Finite Field-Dependent BRST-antiBRST Transformations: Jacobians and Application to the Standard Model

TL;DR

This paper extends finite BRST-antiBRST transformations, evaluates their Jacobians, and applies these to the Standard Model, including modifications to the Gribov--Zwanziger theory for gauge fixing and gauge independence.

Contribution

It introduces new classes of finite BRST-antiBRST transformations with arbitrary parameters and applies them to the Standard Model, extending gauge fixing and Gribov horizon functional formulations.

Findings

Derived Jacobians for linear and polynomial transformations.

Identified extra contributions to the quantum action from arbitrary parameter transformations.

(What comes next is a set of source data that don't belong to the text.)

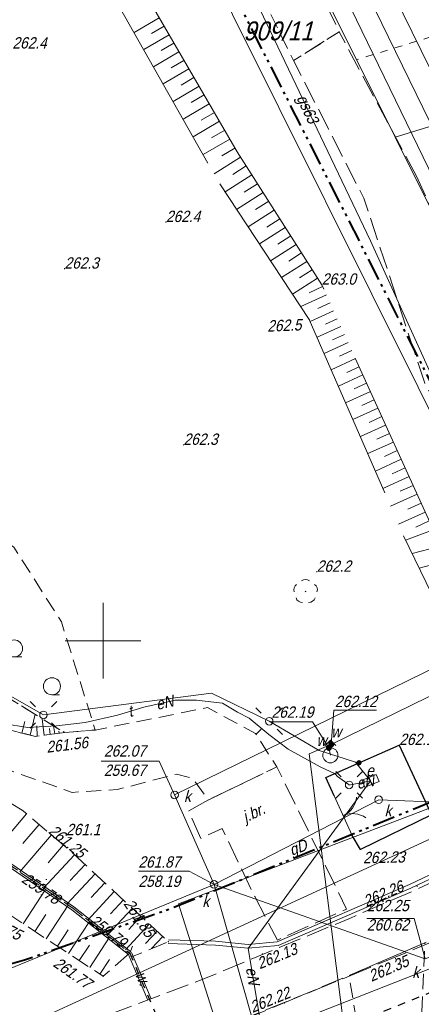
# Model space of a CAD drawing. Extents: x 7418340 to 7418643, y 5555323 to 5555529.
# Tile 10 of 16: x 7418494 to 7418521, y 5555376 to 5555441. Entities that reach past the tile are written whole.
import ezdxf
from ezdxf.enums import TextEntityAlignment as Align

# ---------------------------------------------------------------- set-up
doc = ezdxf.new("R2010")
doc.units = 0
doc.header["$MEASUREMENT"] = 0
for name, pattern in [('1.5_0.5', [20, 15, -5]), ('218-500', [1, 0.5, -0.5]), ('250-500', [2.85, 1.5, -0.35, 0.175, -0.3, 0.175, -0.35]), ('420-500', [1.5, 1, -0.5]), ('ib05_500', [10, 5, -5]), ('ktok02-500', [0]), ('mz1.0_0.5', [15, 10, -5]), ('mz1.25_0.5', [17.5, 12.5, -5]), ('mz2.0_0.5', [25, 20, -5])]:
    doc.linetypes.add(name, pattern=pattern)
for name, color, linetype, lineweight in [('000 Inne (niezydentyfikowane)', 7, 'Continuous', 0), ('203-Punkt załamania granicy działki nie stabilizowany', 7, 'Continuous', 0), ('211-Nr działki', 7, 'Continuous', 0), ('218-Granica użytku', 7, 'Continuous', 0), ('brama (linia)', 7, 'Continuous', 0), ('brama (linia) - symbol', 7, 'Continuous', 0), ('chodnik (powierzchnia)', 7, 'Continuous', 0), ('drzewo liściaste (punkt)', 7, 'Continuous', 0), ('EBTPO_346', 7, 'Continuous', 0), ('EDZPD_219', 7, 'Continuous', 0), ('EPSPO_253', 7, 'Continuous', 0), ('EPSPR_252', 7, 'Continuous', 0), ('EPUPR_250', 7, 'Continuous', 0), ('hydrant (punkt)', 7, 'Continuous', 0), ('jezdnia (powierzchnia)', 7, 'Continuous', 0), ('jezdnia (powierzchnia)-Atr17', 7, 'Continuous', 0), ('latarnia (punkt)', 7, 'Continuous', 0), ('przepust (linia)', 7, 'Continuous', 0), ('przepust (linia) - symbol', 7, 'Continuous', 0), ('przewód elektroenergetyczny (linia)', 7, 'Continuous', 0), ('przewód elektroenergetyczny (linia)-Atr1', 7, 'Continuous', 0), ('przewód gazowy (linia)-Atr1', 7, 'Continuous', 0), ('przewód telekomunikacyjny (linia)', 7, 'Continuous', 0), ('przewód telekomunikacyjny (linia)-Atr1', 7, 'Continuous', 0), ('przewód wodociągowy (linia)', 7, 'Continuous', 0), ('punkt o określonej wysokości (sieć kanalizacyjna)', 7, 'Continuous', 0), ('punkt o określonej wysokości (sieć wodociągowa)', 7, 'Continuous', 0), ('punkt o określonej wysokości (sieć wodociągowa)-Atr2', 7, 'Continuous', 0), ('punkt wysokościowy naturalny', 7, 'Continuous', 0), ('punkt wysokościowy naturalny-Atr2', 7, 'Continuous', 0), ('punkt wysokościowy sztuczny', 7, 'Continuous', 0), ('punkt wysokościowy sztuczny-Atr2', 7, 'Continuous', 0), ('rów melioracyjny  przydrożny (linia)', 7, 'Continuous', 0), ('rów melioracyjny  przydrożny (linia)-Atr17', 7, 'Continuous', 0), ('SDRPK_420', 7, 'Continuous', 0), ('skarpa nieumocniona (powierzchnia)', 7, 'Continuous', 0), ('szafa elektroenergetyczna (punkt)', 7, 'Continuous', 0), ('szafa elektroenergetyczna (punkt)-Atr17', 7, 'Continuous', 0), ('UKKPO_582', 7, 'Continuous', 0), ('Warstwa 60', 7, 'Continuous', 0), ('właz okrągły - siec kanalizacyjna (punkt)', 7, 'Continuous', 0), ('właz okrągły - siec kanalizacyjna (punkt)-Atr17', 7, 'Continuous', 0), ('zakrzewienie (powierzchnia)', 7, 'Continuous', 0), ('zakrzewienie (powierzchnia) - symbol', 7, 'Continuous', 0), ('zasuwa - siec wodociągowa (punkt)', 7, 'Continuous', 0), ('zasuwa - siec wodociągowa (punkt)-Atr17', 7, 'Continuous', 0)]:
    doc.layers.add(name, color=color, linetype=linetype, lineweight=lineweight)
doc.styles.add('Style-WORKING_1250 I 0.26180', font='WORKING_1250.shx', dxfattribs={"oblique": 15})

# ---------------------------------------------------------------- blocks, each defined once
blk = doc.blocks.new('203')
at = {"linetype": 'Continuous', "lineweight": 0}
blk.add_hatch(color=0, dxfattribs=at).paths.add_polyline_path([(0.45, 0, 1), (-0.45, 0, 1)], flags=16)
blk = doc.blocks.new('PW01')
at = {"linetype": 'Continuous', "lineweight": 13}
blk.add_hatch(color=0, dxfattribs=at).paths.add_polyline_path([(0.45, 0, 1), (-0.45, 0, 1)], flags=16)
blk = doc.blocks.new('PW02')
at = {"linetype": 'Continuous', "lineweight": 13}
blk.add_hatch(color=0, dxfattribs=at).paths.add_polyline_path([(0.45, 0, 1), (-0.45, 0, 1)], flags=16)
blk = doc.blocks.new('OK02')
at = {"color": 0, "linetype": 'Continuous', "lineweight": 0}
for centre, start, end in [((-15, 0), 0, 60), ((15, 0), 120, 180)]:
    blk.add_arc(centre, 15, start, end, dxfattribs=at)
blk = doc.blocks.new('US25')
at = {"linetype": 'Continuous', "lineweight": 0}
blk.add_hatch(color=0, dxfattribs=at).paths.add_polyline_path([(2, 0, 1), (-2, 0, 1)], flags=16)
blk = doc.blocks.new('US02')
at = {"color": 0, "linetype": 'Continuous', "lineweight": 13}
for p, q in [((0, 10), (-3.53, 6.47)), ((0, 5), (0, 10)), ((0, 10), (3.54, 6.47))]:
    blk.add_line(p, q, dxfattribs=at)
blk.add_circle((0, 0), 5, dxfattribs=at)
blk = doc.blocks.new('SM01')
at = {"color": 0, "linetype": 'Continuous', "lineweight": 13}
for p, q in [((-5.3, 5.31), (-8.83, 8.84)), ((5.31, 5.31), (8.84, 8.84)), ((-5.3, -5.3), (-8.83, -8.83)), ((5.31, -5.3), (8.84, -8.83))]:
    blk.add_line(p, q, dxfattribs=at)
blk.add_circle((0, 0), 2.5, dxfattribs=at)
blk = doc.blocks.new('OP021')
at = {"linetype": 'Continuous', "lineweight": 13}
blk.add_hatch(color=0, dxfattribs=at).paths.add_polyline_path([(0.5, 0, 1), (-0.5, 0, 1)], flags=16)
at = {"color": 0, "linetype": 'Continuous', "lineweight": 13}
for centre, start, end in [((0, 4), 49.272, 130.728), ((-3.8, 1.24), 121.308, 202.548), ((3.8, 1.24), 337.452, 58.692), ((-2.35, -3.24), 193.221, 274.871), ((2.35, -3.24), 265.129, 346.779)]:
    blk.add_arc(centre, 4, start, end, dxfattribs=at)
blk = doc.blocks.new('IB05')
at = {"color": 0, "linetype": 'Continuous', "lineweight": 13}
for q in [(3.54, 3.54), (3.54, -3.54)]:
    blk.add_line((0, 0), q, dxfattribs=at)
blk = doc.blocks.new('US22')
at = {"color": 0, "linetype": 'Continuous', "lineweight": 13}
blk.add_circle((0, 0), 2.5, dxfattribs=at)
blk = doc.blocks.new('US18')
at = {"color": 0, "linetype": 'Continuous', "lineweight": 13}
for p, q in [((-5, -2.5), (-5, 2.5)), ((-5, 2.5), (5, 2.5)), ((5, -2.5), (5, 2.5)), ((-5, -2.5), (5, -2.5))]:
    blk.add_line(p, q, dxfattribs=at)
blk = doc.blocks.new('TL04')
at = {"color": 0, "linetype": 'Continuous', "lineweight": 13}
blk.add_line((3.98, -1.64), (8.98, -1.64), dxfattribs=at)
blk.add_circle((3.98, 3.98), 5.62, dxfattribs=at)

msp = doc.modelspace()

# ---------------------------------------------------------------- hatches: boundary and pattern name
at = {"layer": 'EBTPO_346', "linetype": 'Continuous', "lineweight": 30}
h = msp.add_hatch(color=7, dxfattribs=at)
edge = h.paths.add_edge_path()
edge.add_arc((7418516.9, 5555391.939), 0.175, 23.7653, 383.7653)

# ---------------------------------------------------------------- linework, layer by layer
at = {"color": 7, "linetype": 'mz2.0_0.5', "lineweight": 13, "ltscale": 0.1, "flags": 128}
msp.add_lwpolyline([(7418504.66, 5555372.26), (7418506.55, 5555373.83), (7418542.81, 5555388.81), (7418562.614, 5555395.427)], dxfattribs=at)
at = {"layer": '000 Inne (niezydentyfikowane)', "color": 7, "linetype": 'Continuous', "lineweight": 13, "ltscale": 0.1, "flags": 128}
for points in [[(7418503.71, 5555441.18), (7418502.04, 5555440.21)], [(7418504.03, 5555440.62), (7418503.19, 5555440.14)], [(7418504.36, 5555440.06), (7418502.68, 5555439.09)], [(7418504.68, 5555439.5), (7418503.84, 5555439.01)], [(7418505.01, 5555438.94), (7418503.32, 5555437.95)], [(7418505.34, 5555438.37), (7418504.49, 5555437.88)], [(7418505.67, 5555437.8), (7418503.97, 5555436.81)], [(7418506, 5555437.23), (7418505.15, 5555436.73)], [(7418506.34, 5555436.66), (7418504.62, 5555435.66)], [(7418506.67, 5555436.08), (7418505.81, 5555435.58)], [(7418507.01, 5555435.5), (7418505.28, 5555434.49)], [(7418507.35, 5555434.92), (7418506.48, 5555434.41)], [(7418507.69, 5555434.34), (7418505.94, 5555433.32)], [(7418508.03, 5555433.75), (7418507.15, 5555433.24)], [(7418508.37, 5555433.16), (7418506.61, 5555432.14)], [(7418509.08, 5555431.98), (7418507.33, 5555430.87)], [(7418508.71, 5555432.57), (7418507.83, 5555432.06)], [(7418509.45, 5555431.39), (7418508.56, 5555430.82)], [(7418509.83, 5555430.8), (7418508.05, 5555429.67)], [(7418510.2, 5555430.21), (7418509.32, 5555429.65)], [(7418510.57, 5555429.63), (7418508.82, 5555428.52)], [(7418510.94, 5555429.05), (7418510.07, 5555428.5)], [(7418511.3, 5555428.47), (7418509.57, 5555427.37)], [(7418511.67, 5555427.9), (7418510.81, 5555427.35)], [(7418512.03, 5555427.33), (7418510.32, 5555426.24)], [(7418512.75, 5555426.2), (7418511.06, 5555425.12)], [(7418512.39, 5555426.76), (7418511.54, 5555426.22)], [(7418513.11, 5555425.64), (7418512.26, 5555425.1)], [(7418513.46, 5555425.08), (7418511.79, 5555424.01)], [(7418513.81, 5555424.52), (7418512.98, 5555423.99)], [(7418514.16, 5555423.97), (7418512.51, 5555422.92)], [(7418514.75, 5555422.87), (7418513.05, 5555422.09)], [(7418514.49, 5555423.42), (7418513.6, 5555423.01)], [(7418514.99, 5555422.33), (7418514.18, 5555421.97)], [(7418515.22, 5555421.81), (7418513.67, 5555421.11)], [(7418515.46, 5555421.29), (7418514.68, 5555420.94)], [(7418515.7, 5555420.77), (7418514.13, 5555420.06)], [(7418516.18, 5555419.71), (7418514.59, 5555418.99)], [(7418515.94, 5555420.24), (7418515.15, 5555419.89)], [(7418516.42, 5555419.18), (7418515.62, 5555418.82)], [(7418516.66, 5555418.65), (7418515.06, 5555417.92)], [(7418516.91, 5555418.11), (7418516.1, 5555417.74)], [(7418517.16, 5555417.57), (7418515.54, 5555416.83)], [(7418517.4, 5555417.02), (7418516.59, 5555416.65)], [(7418517.65, 5555416.48), (7418516.01, 5555415.73)], [(7418517.9, 5555415.93), (7418517.08, 5555415.55)], [(7418518.15, 5555415.38), (7418516.5, 5555414.62)], [(7418518.4, 5555414.82), (7418517.57, 5555414.44)], [(7418518.66, 5555414.26), (7418516.99, 5555413.5)], [(7418519.17, 5555413.14), (7418517.48, 5555412.37)], [(7418518.91, 5555413.7), (7418518.07, 5555413.32)], [(7418519.43, 5555412.57), (7418518.58, 5555412.18)], [(7418519.69, 5555412), (7418517.98, 5555411.22)], [(7418519.95, 5555411.43), (7418519.09, 5555411.04)], [(7418520.21, 5555410.85), (7418518.48, 5555410.07)], [(7418520.47, 5555410.27), (7418519.61, 5555409.88)], [(7418520.74, 5555409.69), (7418518.99, 5555408.89)], [(7418521, 5555409.1), (7418520.13, 5555408.7)], [(7418521.27, 5555408.51), (7418519.51, 5555407.71)], [(7418521.54, 5555407.93), (7418520.65, 5555407.52)], [(7418521.8, 5555407.34), (7418519.98, 5555406.66)], [(7418522.11, 5555406.2), (7418520.41, 5555405.76)], [(7418522.38, 5555405.19), (7418520.88, 5555404.8)], [(7418495.17, 5555393.77), (7418495.51, 5555395.14)], [(7418494.64, 5555393.9), (7418494.83, 5555394.67)], [(7418495.65, 5555393.69), (7418495.63, 5555394.38)], [(7418496.11, 5555393.75), (7418495.97, 5555394.85)], [(7418496.8, 5555393.84), (7418496.73, 5555394.38)], [(7418496.5, 5555393.81), (7418496.45, 5555394.2)], [(7418497.09, 5555393.88), (7418497.07, 5555394.03)], [(7418497.38, 5555393.92), (7418497.37, 5555393.98)], [(7418494.94, 5555388.56), (7418492.8, 5555386.04)], [(7418495.78, 5555387.85), (7418494.7, 5555386.59)], [(7418496.58, 5555387.17), (7418494.5, 5555384.72)], [(7418497.36, 5555386.5), (7418496.36, 5555385.32)], [(7418498.11, 5555385.86), (7418496.06, 5555383.65)], [(7418498.81, 5555385.22), (7418497.83, 5555384.16)], [(7418499.47, 5555384.6), (7418497.6, 5555382.59)], [(7418500.11, 5555384.01), (7418499.21, 5555383.04)], [(7418494.72, 5555381.3), (7418496.2, 5555383.55)], [(7418500.73, 5555383.43), (7418498.98, 5555381.54)], [(7418496.24, 5555380.3), (7418497.7, 5555382.52)], [(7418501.34, 5555382.87), (7418500.49, 5555381.95)], [(7418495.49, 5555380.79), (7418496.22, 5555381.91)], [(7418501.93, 5555382.32), (7418500.27, 5555380.53)], [(7418497.71, 5555379.33), (7418499.11, 5555381.45)], [(7418503.05, 5555381.27), (7418501.48, 5555379.57)], [(7418502.5, 5555381.79), (7418501.69, 5555380.91)], [(7418496.98, 5555379.81), (7418497.7, 5555380.9)], [(7418503.56, 5555380.81), (7418502.8, 5555379.99)], [(7418499.12, 5555378.4), (7418500.43, 5555380.4)], [(7418503.94, 5555380.45), (7418503.2, 5555379.65)], [(7418498.42, 5555378.86), (7418499.1, 5555379.89)], [(7418499.79, 5555377.96), (7418500.43, 5555378.93)]]:
    msp.add_lwpolyline(points, dxfattribs=at)
at = {"layer": '218-Granica użytku', "color": 94, "linetype": '218-500', "lineweight": 13, "flags": 128}
msp.add_lwpolyline([(7418535.99, 5555444.34), (7418516.74, 5555438.41)], dxfattribs=at)
at = {"layer": 'brama (linia)', "color": 7, "linetype": 'ktok02-500', "lineweight": 13, "ltscale": 0.1, "flags": 128}
msp.add_lwpolyline([(7418515.27, 5555389.75), (7418516.46, 5555387.13)], dxfattribs=at)
at = {"layer": 'chodnik (powierzchnia)', "color": 7, "linetype": 'mz1.0_0.5', "lineweight": 13, "ltscale": 0.1, "flags": 128}
msp.add_lwpolyline([(7418400.51, 5555417.1), (7418401.14, 5555414.22), (7418402.59, 5555410.7), (7418406, 5555406.54), (7418411.67, 5555401.23), (7418415.91, 5555397.19), (7418420.31, 5555394.94), (7418425.15, 5555393.33), (7418428.62, 5555392.42), (7418433.49, 5555389.37), (7418438.84, 5555388.76), (7418441.68, 5555389.77), (7418444.14, 5555391.36), (7418448.25, 5555392.7), (7418450.73, 5555392.8), (7418457.84, 5555393.49), (7418460.66, 5555394.91), (7418461.42, 5555393.69), (7418465.23, 5555395.92), (7418464.41, 5555397.09), (7418466.09, 5555398.77), (7418467.9, 5555401.37), (7418466.34, 5555402.59), (7418464.45, 5555399.95), (7418457.1, 5555395.44), (7418450.42, 5555394.72), (7418447.88, 5555394.62), (7418443.6, 5555393.2), (7418440.73, 5555391.49), (7418438.1, 5555390.55), (7418434.21, 5555391.15), (7418431.37, 5555393.13), (7418428.94, 5555394.34), (7418425.67, 5555395.27), (7418421.2, 5555396.7), (7418417.39, 5555398.75), (7418412.99, 5555402.66), (7418407.4, 5555407.91), (7418404.38, 5555411.76), (7418403, 5555414.81), (7418402.48, 5555416.97), (7418403.3, 5555421.87), (7418404.69, 5555425.5), (7418406.27, 5555427.01), (7418412.18, 5555429), (7418419.48, 5555428.36), (7418425.03, 5555429.2), (7418430.38, 5555431.47), (7418434.1, 5555433), (7418441.98, 5555436.22), (7418447.75, 5555437.19), (7418453.79, 5555436.62), (7418459.2, 5555434.8), (7418465.26, 5555429.71), (7418467.21, 5555426.62), (7418470.55, 5555417.76), (7418470.78, 5555413.45), (7418470.2, 5555409.71), (7418469.04, 5555406.86), (7418470.76, 5555405.61), (7418471.47, 5555405.94), (7418472.34, 5555405.68), (7418482.45, 5555398.8), (7418490.87, 5555393.35), (7418492.48, 5555392.23), (7418493.82, 5555391.44), (7418497.96, 5555389.98), (7418500.93, 5555390.16), (7418504.84, 5555391.18), (7418505.92, 5555390.91), (7418506.96, 5555389.48), (7418511.47, 5555391.66), (7418510.07, 5555393.88), (7418506.89, 5555395.58), (7418499.48, 5555394.1), (7418497.46, 5555393.93), (7418495.54, 5555393.68), (7418493.71, 5555394.13), (7418492.67, 5555394.62), (7418492.31, 5555394.79), (7418483.66, 5555400.53), (7418482.08, 5555401.63), (7418481.18, 5555402.44), (7418480.61, 5555403.37), (7418476.64, 5555411.9), (7418477.55, 5555412.4), (7418475.89, 5555415.91), (7418474.81, 5555415.41), (7418473.32, 5555418.56), (7418468.97, 5555427.54), (7418467.25, 5555430.41), (7418460.02, 5555436.58), (7418454.42, 5555438.51), (7418447.72, 5555439.15), (7418445.11, 5555438.95), (7418444.9, 5555440.04), (7418441.24, 5555439.1), (7418441.5, 5555438.05), (7418429.42, 5555433.21), (7418424.59, 5555431.09), (7418418.83, 5555430.46), (7418415, 5555430.9), (7418406.92, 5555429.52), (7418404.03, 5555427.98), (7418403.25, 5555428.47), (7418401.06, 5555425.24), (7418401.92, 5555424.74), (7418401.34, 5555422.31)], close=True, dxfattribs=at)
at = {"layer": 'EBTPO_346', "color": 7, "linetype": 'Continuous', "lineweight": 30, "flags": 128}
msp.add_lwpolyline([(7418515.27, 5555389.75), (7418514.7, 5555390.97), (7418519.56, 5555393.11), (7418521.7, 5555388.5), (7418517, 5555386.21), (7418516.46, 5555387.13)], dxfattribs=at)
at = {"layer": 'EDZPD_219', "color": 94, "linetype": 'Continuous', "lineweight": 13, "flags": 128}
for points in [[(7418533.05, 5555392.17), (7418496.3, 5555466.01)], [(7418511.05, 5555449.83), (7418519.29, 5555433.29)], [(7418519.29, 5555433.29), (7418541.89, 5555440.24)], [(7418526.74, 5555418.34), (7418519.29, 5555433.29)], [(7418496.52, 5555375.34), (7418533.05, 5555392.17)], [(7418507.95, 5555372.96), (7418532.43, 5555382.58)]]:
    msp.add_lwpolyline(points, dxfattribs=at)
at = {"layer": 'EPSPO_253', "color": 52, "linetype": 'Continuous', "lineweight": 13, "flags": 128}
for points in [[(7418496.1, 5555505.15), (7418496.3, 5555504.18), (7418497.18, 5555499.92), (7418497.37, 5555499.09), (7418501.68, 5555478.3), (7418501.92, 5555477.18), (7418497.15, 5555466.15), (7418507.08, 5555448.66), (7418517.67, 5555426.44), (7418524.71, 5555410.9), (7418525.18, 5555410.8), (7418527.59, 5555410.37), (7418528.03, 5555410.29), (7418531.19, 5555404.51), (7418536.11, 5555394.84), (7418537.37, 5555394.17)], [(7418533.12, 5555393.35), (7418504.98, 5555382.61), (7418508.15, 5555372.59)]]:
    msp.add_lwpolyline(points, dxfattribs=at)
at = {"layer": 'EPSPR_252', "color": 36, "linetype": 'Continuous', "lineweight": 13, "flags": 128}
for points in [[(7418507.33, 5555383.9), (7418504.72, 5555389.81), (7418530.45, 5555402.43), (7418527.08, 5555409.22), (7418529.29, 5555418.51), (7418511.6, 5555454.77), (7418505.59, 5555466.6), (7418501.83, 5555486.33), (7418498.45, 5555502.75), (7418497.961, 5555504.891)], [(7418507.33, 5555383.9), (7418518.2, 5555389.49), (7418527.33, 5555389.13), (7418543.27, 5555395.62), (7418560.748, 5555402.405)], [(7418507.33, 5555383.9), (7418521.28, 5555378.97), (7418562.06, 5555395.26)], [(7418504.72, 5555389.81), (7418503.7, 5555392.05), (7418499.873, 5555392.05)], [(7418507.33, 5555383.9), (7418505.69, 5555384.78), (7418502.329, 5555384.779)], [(7418389.18, 5555342.024), (7418406.74, 5555350.92), (7418423.42, 5555359.11), (7418484.76, 5555374.6), (7418507.33, 5555383.9), (7418516.516, 5555351.521)], [(7418521.28, 5555378.97), (7418520.54, 5555381.64), (7418517.426, 5555381.64)]]:
    msp.add_lwpolyline(points, dxfattribs=at)
at = {"layer": 'EPUPR_250', "color": 211, "linetype": '250-500', "lineweight": 40, "flags": 128}
for points in [[(7418480.935, 5555505.557), (7418494.845, 5555470.466), (7418503.879, 5555452.141), (7418515.98, 5555428.248), (7418533.334, 5555393.948)], [(7418413.342, 5555360.519), (7418418.005, 5555362.142), (7418423.728, 5555363.315), (7418448.518, 5555367.452), (7418487.478, 5555376.865), (7418494.804, 5555378.899), (7418504.45, 5555382.295), (7418526.412, 5555391.302), (7418533.334, 5555393.948), (7418543.832, 5555397.732), (7418560.643, 5555402.798)]]:
    msp.add_lwpolyline(points, dxfattribs=at)
at = {"layer": 'jezdnia (powierzchnia)', "color": 7, "linetype": '1.5_0.5', "lineweight": 13, "ltscale": 0.1, "flags": 128}
for points in [[(7418520.69, 5555430.71), (7418515.59, 5555440.26), (7418512.58, 5555438.35), (7418517.22, 5555429.26), (7418521.24, 5555417.03), (7418525.03, 5555409.86), (7418533.87, 5555394.01), (7418532.52, 5555389.56), (7418532.4, 5555389.17), (7418543.49, 5555393.55), (7418543.07, 5555393.76), (7418537.57, 5555396.6), (7418531.52, 5555408.75), (7418526.74, 5555418.34), (7418524.55, 5555422.49)], [(7418415.47, 5555350.36), (7418418.78, 5555351.5), (7418426.1, 5555353.74), (7418427.72, 5555351.53), (7418431.66, 5555352.36), (7418432.36, 5555355.28), (7418444.51, 5555358.47), (7418458.98, 5555361.67), (7418470.55, 5555364.68), (7418478.77, 5555366.33), (7418487.17, 5555368.35), (7418495.8, 5555370.5), (7418501.26, 5555371.95), (7418503.52, 5555372.81), (7418505.03, 5555373.37), (7418508.51, 5555374.69), (7418513.86, 5555376.86), (7418516.24, 5555377.88), (7418521.25, 5555380.03), (7418521.99, 5555380.4), (7418532.97, 5555385.69), (7418541.91, 5555389.02), (7418543.49, 5555393.55), (7418532.4, 5555389.17), (7418520.78, 5555383.59), (7418516.33, 5555381.67), (7418506.55, 5555377.61), (7418500.23, 5555375.22), (7418494.95, 5555373.91), (7418485.44, 5555371.55), (7418485.24, 5555371.69), (7418423.4, 5555356.81), (7418414, 5555353.68), (7418413.83, 5555353.32), (7418406.67, 5555350.3), (7418408.37, 5555346.94), (7418416.38, 5555331.11), (7418417.74, 5555331.83), (7418421.48, 5555333.15), (7418414.62, 5555346.94), (7418414.64, 5555348.78)], [(7418506.96, 5555389.48), (7418505.66, 5555388.75), (7418506.45, 5555386.94), (7418507.87, 5555387.6), (7418510.01, 5555383.09), (7418511.51, 5555380.22), (7418516.08, 5555382.26), (7418511.47, 5555391.66)]]:
    msp.add_lwpolyline(points, close=True, dxfattribs=at)
at = {"layer": 'przepust (linia)', "color": 7, "linetype": 'ib05_500', "lineweight": 30, "ltscale": 0.1, "flags": 128}
for points in [[(7418501.76, 5555379.35), (7418505.91, 5555369.59)], [(7418522.7, 5555377.19), (7418515.54, 5555374.29)]]:
    msp.add_lwpolyline(points, dxfattribs=at)
at = {"layer": 'przewód elektroenergetyczny (linia)', "color": 1, "linetype": 'Continuous', "lineweight": 13, "ltscale": 0.1, "flags": 128}
for points in [[(7418526.06, 5555402.03), (7418526.73, 5555402.51), (7418529.1, 5555403.8), (7418531.51, 5555405.08), (7418528.65, 5555411.31), (7418530.62, 5555418.97), (7418525.11, 5555430.66), (7418517.49, 5555446.22), (7418511.16, 5555458.03), (7418509.66, 5555463.72), (7418508.74, 5555472.96), (7418520.6, 5555475), (7418521.83, 5555475.47), (7418521.73, 5555476.44), (7418519.271, 5555487.255)], [(7418517.67, 5555390.74), (7418516.67, 5555391.98), (7418514.27, 5555392.74), (7418510.97, 5555394.68), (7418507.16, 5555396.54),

Extended Gribov--Zwanziger theory to the Standard Model with gauge-independent horizon functional.

Abstract

We continue our research Nucl.Phys B888, 92 (2014); Int. J. Mod. Phys. A29, 1450159 (2014); Phys. Lett. B739, 110 (2014); Int. J. Mod. Phys. A30, 1550021 (2015) and extend the class of finite BRST-antiBRST transformations with odd-valued parameters $\lambda_{a}$, $a=1,2$, introduced in these works. In doing so, we evaluate the Jacobians induced by finite BRST-antiBRST transformations linear in functionally-dependent parameters, as well as those induced by finite BRST-antiBRST transformations with arbitrary functional parameters. The calculations cover the cases of gauge theories with a closed algebra, dynamical systems with first-class constraints, and general gauge theories. The resulting Jacobians in the case of linearized transformations are different from those in the case of polynomial dependence on the parameters. Finite BRST-antiBRST transformations with arbitrary parameters induce an extra contribution to the quantum action, which cannot be absorbed into a change of the gauge. These transformations include an extended case of functionally-dependent parameters that implies a modified compensation equation, which admits non-trivial solutions leading to a Jacobian equal to unity. Finite BRST-antiBRST transformations with functionally-dependent parameters are applied to the Standard Model, and an explicit form of functionally-dependent parameters $\lambda_{a}$ is obtained, providing the equivalence of path integrals in any $3$-parameter $R_{\boldsymbol{\xi}}$-like gauges. The Gribov--Zwanziger theory is extended to the case of the Standard Model, and a form of the Gribov horizon functional is suggested in the Landau gauge, as well as in $R_{\boldsymbol{\xi}}$-like gauges, in a gauge-independent way using field-dependent BRST-antiBRST transformations, and in $R_{\boldsymbol{\xi}}$-like gauges using transverse-like non-Abelian gauge fields.